'''
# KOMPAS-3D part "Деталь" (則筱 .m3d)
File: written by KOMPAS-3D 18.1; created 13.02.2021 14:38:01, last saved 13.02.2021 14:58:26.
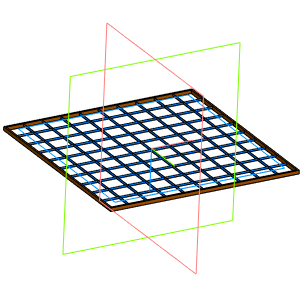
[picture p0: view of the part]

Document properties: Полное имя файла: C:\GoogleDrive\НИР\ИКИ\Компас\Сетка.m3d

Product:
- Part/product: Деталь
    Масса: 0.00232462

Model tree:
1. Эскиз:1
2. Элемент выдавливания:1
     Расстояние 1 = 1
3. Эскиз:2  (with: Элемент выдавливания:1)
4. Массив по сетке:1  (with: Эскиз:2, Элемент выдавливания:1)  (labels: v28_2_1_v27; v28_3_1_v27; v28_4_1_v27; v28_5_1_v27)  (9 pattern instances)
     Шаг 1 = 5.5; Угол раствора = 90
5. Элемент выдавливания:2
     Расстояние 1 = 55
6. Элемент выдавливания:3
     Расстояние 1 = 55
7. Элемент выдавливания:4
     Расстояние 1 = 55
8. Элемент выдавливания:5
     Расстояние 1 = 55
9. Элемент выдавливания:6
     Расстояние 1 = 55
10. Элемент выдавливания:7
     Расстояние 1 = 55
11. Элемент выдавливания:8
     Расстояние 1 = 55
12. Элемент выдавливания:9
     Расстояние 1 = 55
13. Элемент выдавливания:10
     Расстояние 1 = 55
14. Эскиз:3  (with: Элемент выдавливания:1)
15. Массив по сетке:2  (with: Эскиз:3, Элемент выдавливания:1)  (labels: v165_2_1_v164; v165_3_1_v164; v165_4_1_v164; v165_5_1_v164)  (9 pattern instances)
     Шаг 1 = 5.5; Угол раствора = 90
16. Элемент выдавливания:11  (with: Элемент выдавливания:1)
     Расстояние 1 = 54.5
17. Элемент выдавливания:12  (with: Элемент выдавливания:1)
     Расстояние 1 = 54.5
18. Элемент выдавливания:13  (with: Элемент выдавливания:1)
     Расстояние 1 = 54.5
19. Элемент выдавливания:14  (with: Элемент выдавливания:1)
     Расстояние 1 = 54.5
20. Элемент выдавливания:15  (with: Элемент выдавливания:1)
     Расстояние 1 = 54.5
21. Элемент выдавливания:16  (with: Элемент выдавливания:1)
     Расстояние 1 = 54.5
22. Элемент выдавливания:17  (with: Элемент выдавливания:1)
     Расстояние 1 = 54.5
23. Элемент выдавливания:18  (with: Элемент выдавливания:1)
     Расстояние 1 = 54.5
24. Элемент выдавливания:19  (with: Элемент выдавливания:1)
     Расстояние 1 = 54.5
'''
Only the pictures in the listing above get left out; print everything else exactly.

# KOMPAS-3D part "Деталь" (則筱 .m3d)
File: written by KOMPAS-3D 18.1; created 13.02.2021 14:38:01, last saved 13.02.2021 14:58:26.
[picture p0: view of the part]

Document properties: Полное имя файла: C:\GoogleDrive\НИР\ИКИ\Компас\Сетка.m3d

Product:
- Part/product: Деталь
    Масса: 0.00232462

Model tree:
1. Эскиз:1
2. Элемент выдавливания:1
     Расстояние 1 = 1
3. Эскиз:2  (with: Элемент выдавливания:1)
4. Массив по сетке:1  (with: Эскиз:2, Элемент выдавливания:1)  (labels: v28_2_1_v27; v28_3_1_v27; v28_4_1_v27; v28_5_1_v27)  (9 pattern instances)
     Шаг 1 = 5.5; Угол раствора = 90
5. Элемент выдавливания:2
     Расстояние 1 = 55
6. Элемент выдавливания:3
     Расстояние 1 = 55
7. Элемент выдавливания:4
     Расстояние 1 = 55
8. Элемент выдавливания:5
     Расстояние 1 = 55
9. Элемент выдавливания:6
     Расстояние 1 = 55
10. Элемент выдавливания:7
     Расстояние 1 = 55
11. Элемент выдавливания:8
     Расстояние 1 = 55
12. Элемент выдавливания:9
     Расстояние 1 = 55
13. Элемент выдавливания:10
     Расстояние 1 = 55
14. Эскиз:3  (with: Элемент выдавливания:1)
15. Массив по сетке:2  (with: Эскиз:3, Элемент выдавливания:1)  (labels: v165_2_1_v164; v165_3_1_v164; v165_4_1_v164; v165_5_1_v164)  (9 pattern instances)
     Шаг 1 = 5.5; Угол раствора = 90
16. Элемент выдавливания:11  (with: Элемент выдавливания:1)
     Расстояние 1 = 54.5
17. Элемент выдавливания:12  (with: Элемент выдавливания:1)
     Расстояние 1 = 54.5
18. Элемент выдавливания:13  (with: Элемент выдавливания:1)
     Расстояние 1 = 54.5
19. Элемент выдавливания:14  (with: Элемент выдавливания:1)
     Расстояние 1 = 54.5
20. Элемент выдавливания:15  (with: Элемент выдавливания:1)
     Расстояние 1 = 54.5
21. Элемент выдавливания:16  (with: Элемент выдавливания:1)
     Расстояние 1 = 54.5
22. Элемент выдавливания:17  (with: Элемент выдавливания:1)
     Расстояние 1 = 54.5
23. Элемент выдавливания:18  (with: Элемент выдавливания:1)
     Расстояние 1 = 54.5
24. Элемент выдавливания:19  (with: Элемент выдавливания:1)
     Расстояние 1 = 54.5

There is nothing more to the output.